Data records:
---

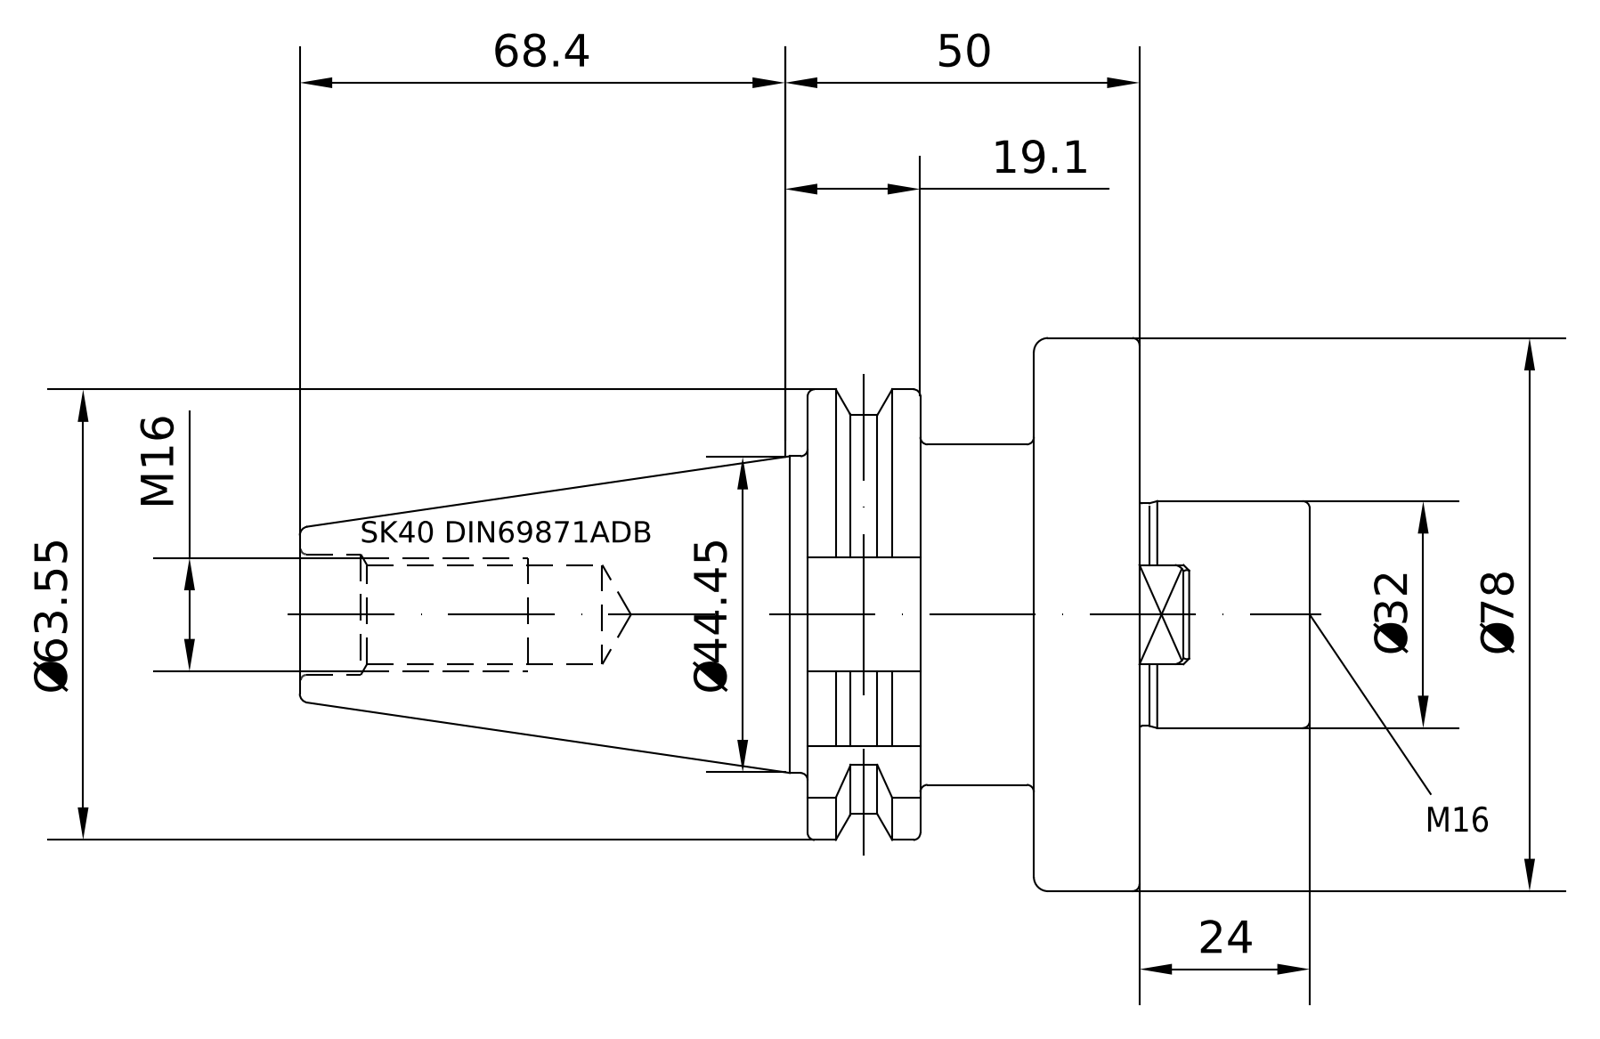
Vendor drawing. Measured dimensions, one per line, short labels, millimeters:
name: 40-350-32
written by: PRO/ENGINEER BY PARAMETRIC TECHNOLOGY CORPORATION, 2010430 (CONFIG_CONTROL_DESIGN)
unit: mm
bodies: 1 solid, 119 faces (34 planar, 33 cylindrical, 52 other)
size: 142.25 × 78 × 78
volume: 221 332 mm³; area: 38 036 mm²
holes: 1× ⌀13.84, 1× ⌀14, 1× ⌀16, 1× ⌀17.01, 1× ⌀17.5
bosses: 1× ⌀78, 1× ⌀48, 1× ⌀43.75, 1× ⌀32, 1× ⌀16.01
rounds: 5× R1.35, 1× R28, 1× R31.76
face distances: 14.95, 31.85, 46.8, 15.85, 16, 30.95, 70.8, 54.95, 38.95, 24

---

Problem statement: Your answer must be an exact reproduction of all entries, containing no pictures.

Written response:
Vendor drawing. Measured dimensions, one per line, short labels, millimeters:
name: 40-350-32
written by: PRO/ENGINEER BY PARAMETRIC TECHNOLOGY CORPORATION, 2010430 (CONFIG_CONTROL_DESIGN)
unit: mm
bodies: 1 solid, 119 faces (34 planar, 33 cylindrical, 52 other)
size: 142.25 × 78 × 78
volume: 221 332 mm³; area: 38 036 mm²
holes: 1× ⌀13.84, 1× ⌀14, 1× ⌀16, 1× ⌀17.01, 1× ⌀17.5
bosses: 1× ⌀78, 1× ⌀48, 1× ⌀43.75, 1× ⌀32, 1× ⌀16.01
rounds: 5× R1.35, 1× R28, 1× R31.76
face distances: 14.95, 31.85, 46.8, 15.85, 16, 30.95, 70.8, 54.95, 38.95, 24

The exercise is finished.